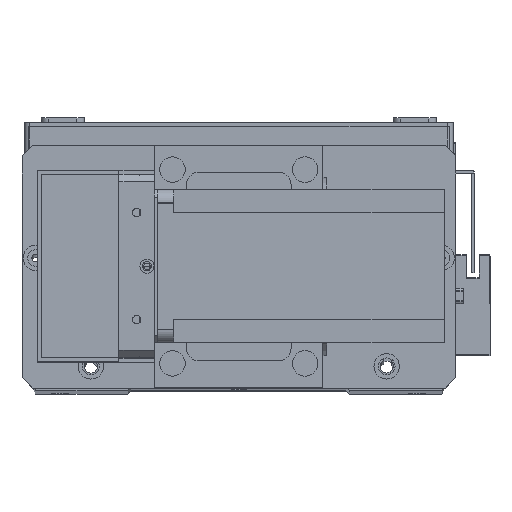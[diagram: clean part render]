
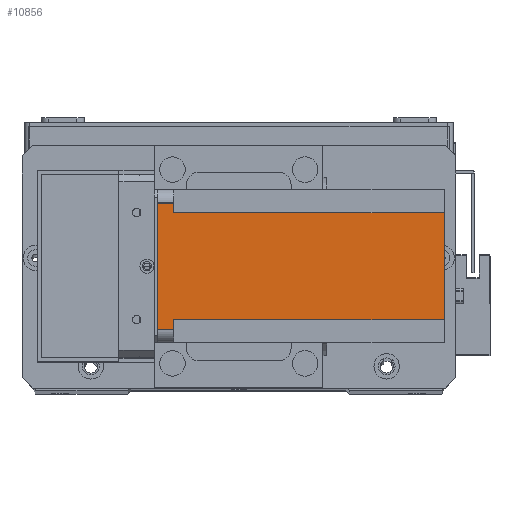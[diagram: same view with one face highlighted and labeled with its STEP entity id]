
A CAD part, top view. The second image highlights one B-rep face of the part: STEP entity #10856.
In plain terms, the highlighted planar face has unit normal (0, 0, 1) as drawn and (-1, 0, 0) by its records, which use the part's own axes.
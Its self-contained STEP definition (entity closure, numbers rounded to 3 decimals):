
#1229 = DIRECTION ( 'NONE',  ( 0., -1., 0. ) ) ;
#2758 = LINE ( 'NONE', #15639, #28391 ) ;
#2799 = CARTESIAN_POINT ( 'NONE',  ( 0., 9., -112.5 ) ) ;
#3608 = PLANE ( 'NONE',  #17049 ) ;
#4702 = VECTOR ( 'NONE', #22808, 1000. ) ;
#5862 = CARTESIAN_POINT ( 'NONE',  ( 0., 55., -6.5 ) ) ;
#5956 = LINE ( 'NONE', #10315, #12354 ) ;
#6207 = VERTEX_POINT ( 'NONE', #30221 ) ;
#6358 = ORIENTED_EDGE ( 'NONE', *, *, #17173, .T. ) ;
#7397 = VECTOR ( 'NONE', #25142, 1000. ) ;
#7755 = LINE ( 'NONE', #22951, #21344 ) ;
#8167 = ORIENTED_EDGE ( 'NONE', *, *, #29036, .F. ) ;
#8449 = DIRECTION ( 'NONE',  ( -1., 0., 0. ) ) ;
#8527 = DIRECTION ( 'NONE',  ( 0., -1., 0. ) ) ;
#8658 = VERTEX_POINT ( 'NONE', #23913 ) ;
#9062 = CARTESIAN_POINT ( 'NONE',  ( 0., 55., -112.5 ) ) ;
#9483 = CARTESIAN_POINT ( 'NONE',  ( 0., 5., -6.5 ) ) ;
#10276 = EDGE_CURVE ( 'NONE', #18481, #8658, #2758, .T. ) ;
#10315 = CARTESIAN_POINT ( 'NONE',  ( 0., 5., -112.5 ) ) ;
#10327 = LINE ( 'NONE', #20382, #4702 ) ;
#10856 = ADVANCED_FACE ( 'NONE', ( #16657 ), #3608, .T. ) ;
#12125 = VERTEX_POINT ( 'NONE', #28384 ) ;
#12354 = VECTOR ( 'NONE', #16831, 1000. ) ;
#12779 = ORIENTED_EDGE ( 'NONE', *, *, #10276, .T. ) ;
#13069 = CARTESIAN_POINT ( 'NONE',  ( 0., 0., -6.5 ) ) ;
#13404 = EDGE_CURVE ( 'NONE', #26368, #20191, #14636, .T. ) ;
#14636 = LINE ( 'NONE', #9062, #25242 ) ;
#14788 = DIRECTION ( 'NONE',  ( 0., 0., -1. ) ) ;
#15249 = LINE ( 'NONE', #28282, #22422 ) ;
#15639 = CARTESIAN_POINT ( 'NONE',  ( 0., 0., -112.5 ) ) ;
#16273 = EDGE_CURVE ( 'NONE', #22221, #20191, #10327, .T. ) ;
#16657 = FACE_OUTER_BOUND ( 'NONE', #24416, .T. ) ;
#16831 = DIRECTION ( 'NONE',  ( 0., 0., 1. ) ) ;
#16879 = LINE ( 'NONE', #2799, #22547 ) ;
#17049 = AXIS2_PLACEMENT_3D ( 'NONE', #22869, #8449, #25325 ) ;
#17173 = EDGE_CURVE ( 'NONE', #30063, #12125, #5956, .T. ) ;
#18120 = EDGE_CURVE ( 'NONE', #30063, #6207, #20216, .T. ) ;
#18481 = VERTEX_POINT ( 'NONE', #25696 ) ;
#20191 = VERTEX_POINT ( 'NONE', #5862 ) ;
#20216 = LINE ( 'NONE', #13069, #7397 ) ;
#20255 = CARTESIAN_POINT ( 'NONE',  ( 0., 55., 0. ) ) ;
#20382 = CARTESIAN_POINT ( 'NONE',  ( 0., 60., -6.5 ) ) ;
#21010 = DIRECTION ( 'NONE',  ( 0., 0., 1. ) ) ;
#21189 = DIRECTION ( 'NONE',  ( 0., 0., -1. ) ) ;
#21344 = VECTOR ( 'NONE', #8527, 1000. ) ;
#21540 = ORIENTED_EDGE ( 'NONE', *, *, #26986, .F. ) ;
#22221 = VERTEX_POINT ( 'NONE', #29027 ) ;
#22422 = VECTOR ( 'NONE', #21010, 1000. ) ;
#22547 = VECTOR ( 'NONE', #14788, 1000. ) ;
#22808 = DIRECTION ( 'NONE',  ( 0., 1., 0. ) ) ;
#22869 = CARTESIAN_POINT ( 'NONE',  ( 0., 0., -112.5 ) ) ;
#22951 = CARTESIAN_POINT ( 'NONE',  ( 0., 0., 0. ) ) ;
#23842 = ORIENTED_EDGE ( 'NONE', *, *, #28284, .F. ) ;
#23913 = CARTESIAN_POINT ( 'NONE',  ( 0., 9., -112.5 ) ) ;
#24416 = EDGE_LOOP ( 'NONE', ( #29815, #6358, #23842, #27144, #25929, #8167, #12779, #21540 ) ) ;
#25142 = DIRECTION ( 'NONE',  ( 0., 1., 0. ) ) ;
#25242 = VECTOR ( 'NONE', #21189, 1000. ) ;
#25325 = DIRECTION ( 'NONE',  ( 0., -1., 0. ) ) ;
#25696 = CARTESIAN_POINT ( 'NONE',  ( 0., 51., -112.5 ) ) ;
#25929 = ORIENTED_EDGE ( 'NONE', *, *, #16273, .F. ) ;
#26368 = VERTEX_POINT ( 'NONE', #20255 ) ;
#26986 = EDGE_CURVE ( 'NONE', #6207, #8658, #16879, .T. ) ;
#27144 = ORIENTED_EDGE ( 'NONE', *, *, #13404, .T. ) ;
#28282 = CARTESIAN_POINT ( 'NONE',  ( 0., 51., -112.5 ) ) ;
#28284 = EDGE_CURVE ( 'NONE', #26368, #12125, #7755, .T. ) ;
#28384 = CARTESIAN_POINT ( 'NONE',  ( 0., 5., 0. ) ) ;
#28391 = VECTOR ( 'NONE', #1229, 1000. ) ;
#29027 = CARTESIAN_POINT ( 'NONE',  ( 0., 51., -6.5 ) ) ;
#29036 = EDGE_CURVE ( 'NONE', #18481, #22221, #15249, .T. ) ;
#29815 = ORIENTED_EDGE ( 'NONE', *, *, #18120, .F. ) ;
#30063 = VERTEX_POINT ( 'NONE', #9483 ) ;
#30221 = CARTESIAN_POINT ( 'NONE',  ( 0., 9., -6.5 ) ) ;

—————

Check each line of the data above for the string "VECTOR" and report only how many lines have it.

8